Maintaining and restoring the wetlands near the headwaters of Chester Creek and within the higher portions of the watershed may be the first and biggest step to managing floodwater. Map generated by Tom Hollenhorst, ecologist, EPA Mid-Continent Ecology Division, Duluth, MN.

Maintaining and restoring the wetlands near the headwaters of Chester Creek and within the higher portions of the watershed may be the first and biggest step to managing floodwater. Map generated by Tom Hollenhorst, ecologist, EPA Mid-Continent Ecology Division, Duluth, MN.

The City of Duluth has built a rapport with staff from the National Oceanic and Atmospheric Administration's Coastal Services Center (CSC) over a 4,548-acre combination of forests, homes, businesses, bluffs and streams. This swath, defined as the Chester Creek Watershed, lies primarily above a waterfall and is part of the Lake Superior basin.

In the aftermath of the economically and environmentally painful flood of 2012, the City and the CSC examined ecologically based options to reduce runoff velocities and flood volume in the watershed with assistance and input from Minnesota Sea Grant, the University of Minnesota Duluth's Natural Resources Research Institute, the Mid-Continent Ecology Division of the Environmental Protection Agency (EPA), and others. The resulting report, Economic Assessment of Climate Change Adaptation: Pilot Studies in The Great Lakes Region, synthesizes a year's-worth of data gathering, modeling and discussions into a springboard for what happens next: incorporating “green infrastructure” into the City's plans for the watershed.
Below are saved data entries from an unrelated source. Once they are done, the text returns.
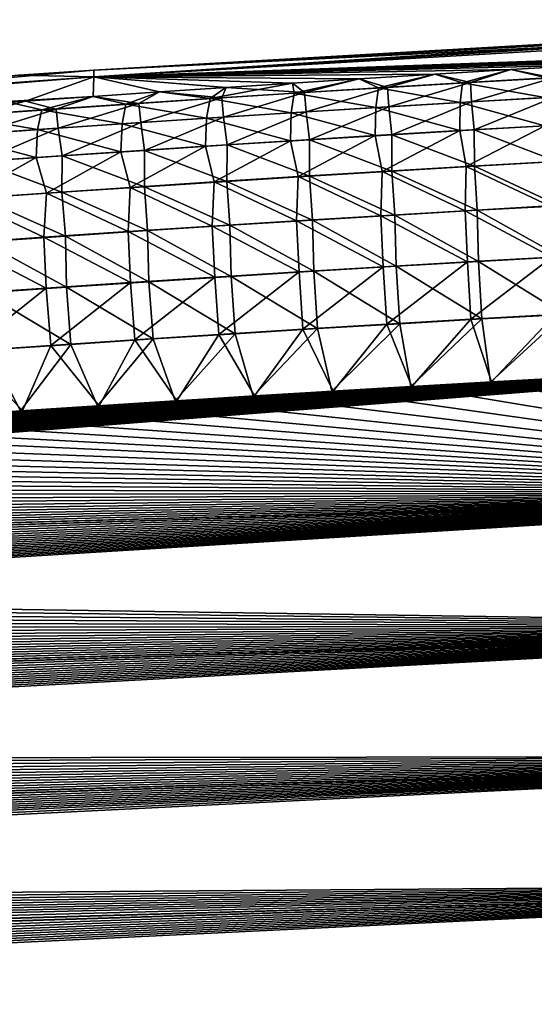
# Model space of a CAD drawing. Header units: metres. Extents: x -61 to 49, y -32 to 32.
# Tile 335 of 343: x 37.99 to 39.6, y 21.86 to 24.95. Entities that reach past the tile are written whole.
import ezdxf

# ---------------------------------------------------------------- set-up
doc = ezdxf.new("R2010")
doc.units = ezdxf.units.M
doc.layers.add('solid_K_27_40_10_000Y34', color=7, linetype='CONTINUOUS')

msp = doc.modelspace()

# ---------------------------------------------------------------- linework, layer by layer
at = {"layer": 'solid_K_27_40_10_000Y34'}
for points in [[(40.964565, 24.948526), (40.964565, 24.939426, -0.673773), (38.219318, 24.790369)], [(38.219318, 24.76976, 1.010641), (40.964565, 24.948526), (38.219318, 24.790369)], [(38.219318, 24.76976, 1.010641), (40.964565, 24.93939, 0.675123), (40.964565, 24.948526)], [(40.964565, 24.939426, -0.673773), (40.964565, 24.928038, -1.010892), (38.219318, 24.790369)], [(38.219318, 24.76976, 1.010641), (40.964565, 24.92804, 1.010881), (40.964565, 24.93939, 0.675123)], [(38.219318, 24.76976, 1.010641), (40.006702, 24.818626, 2.01419), (40.964565, 24.92804, 1.010881)], [(40.964565, 24.928038, -1.010892), (38.219318, 24.76976, -1.01064), (38.219318, 24.790369)], [(40.964565, 24.928038, -1.010892), (40.964565, 24.866577, -2.020484), (38.219318, 24.76976, -1.01064)], [(40.964565, 24.866577, -2.020484), (40.724678, 24.855301, -2.018414), (38.219318, 24.76976, -1.01064)], [(40.724678, 24.855301, -2.018414), (40.485058, 24.84355, -2.016677), (38.219318, 24.76976, -1.01064)], [(40.485058, 24.84355, -2.016677), (40.245705, 24.831322, -2.015273), (38.219318, 24.76976, -1.01064)], [(40.245705, 24.831322, -2.015273), (40.006626, 24.818621, -2.0142), (38.219318, 24.76976, -1.01064)], [(38.219318, 24.76976, 1.010641), (39.767933, 24.805454, 2.013452), (40.006702, 24.818626, 2.01419)], [(40.006626, 24.818621, -2.0142), (39.767815, 24.805447, -2.013458), (38.219318, 24.76976, -1.01064)], [(38.219318, 24.76976, 1.010641), (39.529446, 24.791813, 2.013045), (39.767933, 24.805454, 2.013452)], [(39.767815, 24.805447, -2.013458), (39.529274, 24.791803, -2.013047), (38.219318, 24.76976, -1.01064)], [(39.642082, 24.765709, -2.244987), (39.529274, 24.791803, -2.013047), (39.767815, 24.805447, -2.013458)], [(39.662502, 24.766605, 2.246369), (39.767933, 24.805454, 2.013452), (39.529446, 24.791813, 2.013045)], [(35.439369, 24.546717, 1.030289), (38.219318, 24.790369), (37.984661, 24.774036)], [(35.439369, 24.546717, 1.030289), (38.219318, 24.76976, 1.010641), (38.219318, 24.790369)], [(37.984661, 24.774036), (38.219318, 24.76976, -1.01064), (35.439369, 24.568329)], [(37.984661, 24.774036), (38.219318, 24.790369), (38.219318, 24.76976, -1.01064)], [(38.219318, 24.76976, 1.010641), (39.291241, 24.777702, 2.012966), (39.529446, 24.791813, 2.013045)], [(39.529274, 24.791803, -2.013047), (39.291008, 24.777689, -2.012966), (38.219318, 24.76976, -1.01064)], [(38.219318, 24.76976, 1.010641), (39.053318, 24.763124, 2.013217), (39.291241, 24.777702, 2.012966)], [(39.291008, 24.777689, -2.012966), (39.053013, 24.763105, -2.013215), (38.219318, 24.76976, -1.01064)], [(39.113441, 24.734581, -2.243226), (39.053013, 24.763105, -2.013215), (39.291008, 24.777689, -2.012966)], [(39.142025, 24.736074, 2.244539), (39.291241, 24.777702, 2.012966), (39.053318, 24.763124, 2.013217)], [(39.377747, 24.750435, -2.243962), (39.113441, 24.734581, -2.243226), (39.291008, 24.777689, -2.012966)], [(39.142025, 24.736074, 2.244539), (39.402248, 24.751619, 2.245313), (39.291241, 24.777702, 2.012966)], [(39.377747, 24.750435, -2.243962), (39.291008, 24.777689, -2.012966), (39.529274, 24.791803, -2.013047)], [(39.402248, 24.751619, 2.245313), (39.529446, 24.791813, 2.013045), (39.291241, 24.777702, 2.012966)], [(39.642082, 24.765709, -2.244987), (39.377747, 24.750435, -2.243962), (39.529274, 24.791803, -2.013047)], [(39.402248, 24.751619, 2.245313), (39.662502, 24.766605, 2.246369), (39.529446, 24.791813, 2.013045)], [(38.219318, 24.76976, -1.01064), (35.439369, 24.546717, -1.0303), (35.439369, 24.568329)], [(38.219318, 24.76976, -1.01064), (38.217384, 24.708071, -2.016706), (35.439369, 24.546717, -1.0303)], [(35.439369, 24.546717, 1.030289), (38.005424, 24.693159, 2.018246), (38.219318, 24.76976, 1.010641)], [(38.005424, 24.693159, 2.018246), (38.217308, 24.708063, 2.016712), (38.219318, 24.76976, 1.010641)], [(38.219318, 24.76976, 1.010641), (38.217308, 24.708063, 2.016712), (38.42598, 24.722368, 2.015458)], [(38.425972, 24.722368, -2.015452), (38.217384, 24.708071, -2.016706), (38.219318, 24.76976, -1.01064)], [(38.634773, 24.736307, -2.014452), (38.425972, 24.722368, -2.015452), (38.219318, 24.76976, -1.01064)], [(38.843784, 24.749887, -2.013707), (38.634773, 24.736307, -2.014452), (38.219318, 24.76976, -1.01064)], [(39.053013, 24.763105, -2.013215), (38.843784, 24.749887, -2.013707), (38.219318, 24.76976, -1.01064)], [(38.219318, 24.76976, 1.010641), (38.843987, 24.749899, 2.01371), (39.053318, 24.763124, 2.013217)], [(38.219318, 24.76976, 1.010641), (38.634872, 24.736313, 2.014457), (38.843987, 24.749899, 2.01371)], [(38.219318, 24.76976, 1.010641), (38.42598, 24.722368, 2.015458), (38.634872, 24.736313, 2.014457)], [(38.584934, 24.701138, -2.24263), (38.634773, 24.736307, -2.014452), (38.843784, 24.749887, -2.013707)], [(38.849171, 24.718149, -2.242782), (38.584934, 24.701138, -2.24263), (38.843784, 24.749887, -2.013707)], [(38.881832, 24.719967, 2.244047), (38.843987, 24.749899, 2.01371), (38.634872, 24.736313, 2.014457)], [(38.849171, 24.718149, -2.242782), (38.843784, 24.749887, -2.013707), (39.053013, 24.763105, -2.013215)], [(38.881832, 24.719967, 2.244047), (39.053318, 24.763124, 2.013217), (38.843987, 24.749899, 2.01371)], [(39.113441, 24.734581, -2.243226), (38.849171, 24.718149, -2.242782), (39.053013, 24.763105, -2.013215)], [(38.881832, 24.719967, 2.244047), (39.142025, 24.736074, 2.244539), (39.053318, 24.763124, 2.013217)], [(39.370663, 24.689051, -2.475087), (39.113441, 24.734581, -2.243226), (39.377747, 24.750435, -2.243962)], [(39.146412, 24.675295, 2.475726), (39.402248, 24.751619, 2.245313), (39.142025, 24.736074, 2.244539)], [(39.146412, 24.675295, 2.475726), (39.406147, 24.690706, 2.476473), (39.402248, 24.751619, 2.245313)], [(39.636337, 24.704323, -2.476088), (39.370663, 24.689051, -2.475087), (39.377747, 24.750435, -2.243962)], [(39.636337, 24.704323, -2.476088), (39.377747, 24.750435, -2.243962), (39.642082, 24.765709, -2.244987)], [(39.406147, 24.690706, 2.476473), (39.662502, 24.766605, 2.246369), (39.402248, 24.751619, 2.245313)], [(39.406147, 24.690706, 2.476473), (39.665913, 24.705564, 2.477502), (39.662502, 24.766605, 2.246369)], [(38.361546, 24.686068, 2.243915), (38.42598, 24.722368, 2.015458), (38.217308, 24.708063, 2.016712)], [(38.320732, 24.683548, -2.242774), (38.217384, 24.708071, -2.016706), (38.425972, 24.722368, -2.015452)], [(38.584934, 24.701138, -2.24263), (38.320732, 24.683548, -2.242774), (38.425972, 24.722368, -2.015452)], [(38.361546, 24.686068, 2.243915), (38.621674, 24.703299, 2.243838), (38.42598, 24.722368, 2.015458)], [(38.584934, 24.701138, -2.24263), (38.425972, 24.722368, -2.015452), (38.634773, 24.736307, -2.014452)], [(38.621674, 24.703299, 2.243838), (38.634872, 24.736313, 2.014457), (38.42598, 24.722368, 2.015458)], [(38.839413, 24.656771, -2.473973), (38.584934, 24.701138, -2.24263), (38.849171, 24.718149, -2.242782)], [(38.621674, 24.703299, 2.243838), (38.881832, 24.719967, 2.244047), (38.634872, 24.736313, 2.014457)], [(38.627037, 24.642815, 2.475085), (38.881832, 24.719967, 2.244047), (38.621674, 24.703299, 2.243838)], [(38.627037, 24.642815, 2.475085), (38.886707, 24.65933, 2.475263), (38.881832, 24.719967, 2.244047)], [(39.105022, 24.673199, -2.474381), (38.839413, 24.656771, -2.473973), (38.849171, 24.718149, -2.242782)], [(39.105022, 24.673199, -2.474381), (38.849171, 24.718149, -2.242782), (39.113441, 24.734581, -2.243226)], [(38.886707, 24.65933, 2.475263), (39.142025, 24.736074, 2.244539), (38.881832, 24.719967, 2.244047)], [(38.886707, 24.65933, 2.475263), (39.146412, 24.675295, 2.475726), (39.142025, 24.736074, 2.244539)], [(39.370663, 24.689051, -2.475087), (39.105022, 24.673199, -2.474381), (39.113441, 24.734581, -2.243226)], [(38.217384, 24.708071, -2.016706), (37.952255, 24.689358, -2.018667), (35.439369, 24.546717, -1.0303)], [(35.439369, 24.546717, 1.030289), (37.793774, 24.677885, 2.020041), (38.005424, 24.693159, 2.018246)], [(38.056568, 24.665377, -2.243212), (37.792439, 24.646626, -2.243948), (37.952255, 24.689358, -2.018667)], [(37.8414, 24.64992, 2.24493), (38.005424, 24.693159, 2.018246), (37.793774, 24.677885, 2.020041)], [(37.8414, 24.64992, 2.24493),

Green infrastructure relies on vegetation, soil and natural landscapes to manage rainwater where it falls. By contrast, traditional gray infrastructure invokes systems that quickly dispose of stormwater, such as pipes, pumps and reservoirs. Tashya Allen, Coastal Hazards Specialist with CSC, said the Duluth study concentrates on green infrastructure options because they help protect against flooding while providing recreational, aesthetic and ecological benefits.

"This study lays out a path for the City of Duluth. It is not the only path, but it is at least one way to prepare for future floods," said Allen.

When Chester Creek Floods. Graphic by Chris J. Benson.

An open house hosted by Minnesota Sea Grant attracted residents, city officials and others in July. The focus of the open house was to share information about green infrastructure and the newly minted Coastal Services Center report.


Duluth is special, but it's not the only city where green infrastructure and economics have been jointly studied. Duluth split the limelight with Toledo, Ohio, in the final report based on the CSC study made possible through Great Lakes Research Initiative funding. The EPA also recently published a report* about 13 cities in which green infrastructure was actually implemented and fiscal analyses were conducted. Both the CSC report and the EPA report were written so that other communities can glean ideas from a framework founded on science.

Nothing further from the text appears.